**Problem to solve**
Among the entries below, count the lines with "radius" in them and state the total without comment.
----------------
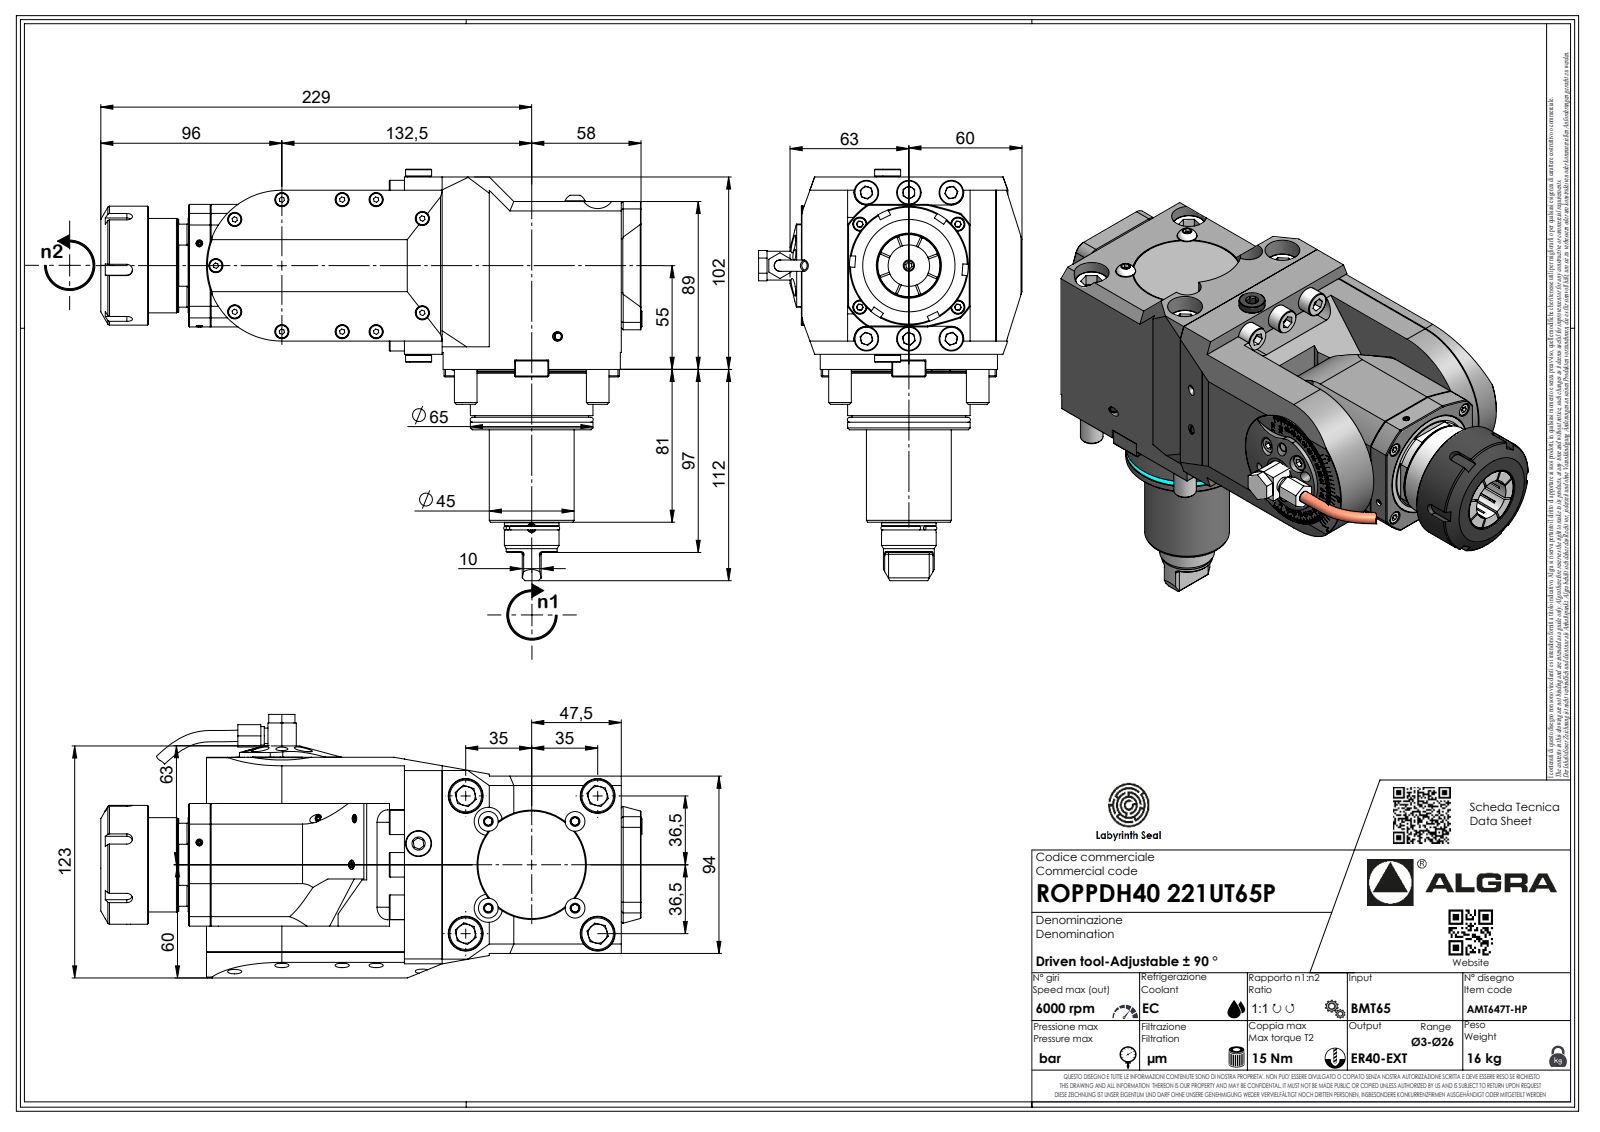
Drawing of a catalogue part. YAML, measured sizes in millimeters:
part_name: "ROPPDH40221UT65P"
step_written_by: "SolidWorks 2023 (AUTOMOTIVE_DESIGN)"
units: millimeters
bodies: {solids: 1, faces: 832, planar: 535, cylindrical: 134, other: 163}
overall_size: [286.52, 218.15, 139.7]
volume: 2226000
surface_area: 161636
round_holes:
  - {diameter: 4, count: 2}
  - {diameter: 2.1, count: 1}
  - {diameter: 3.3, count: 1}
  - {diameter: 17, count: 1}
round_bosses_or_shafts:
  - {diameter: 13, count: 6}
  - {diameter: 12, count: 5}
  - {diameter: 10.5, count: 2}
  - {diameter: 65, count: 1}
  - {diameter: 64.6, count: 1}
  - {diameter: 63, count: 1}
  - {diameter: 60.3, count: 1}
  - {diameter: 50, count: 1}
partial_cylinders:
  - {radius: 3, count: 13}
  - {radius: 0.33, count: 7}
  - {radius: 0.52, count: 7}
  - {radius: 3.7, count: 7}
  - {radius: 1, count: 6}
  - {radius: 6, count: 4}
  - {radius: 6.62, count: 4}
  - {radius: 10.5, count: 4}
face_to_face_distances: [14.5, 79.5, 94, 13, 65, 89, 102, 87, 7, 72.5]
hole_center_spacings: [39.15, 95.82]
----------------
**Response to the task**
8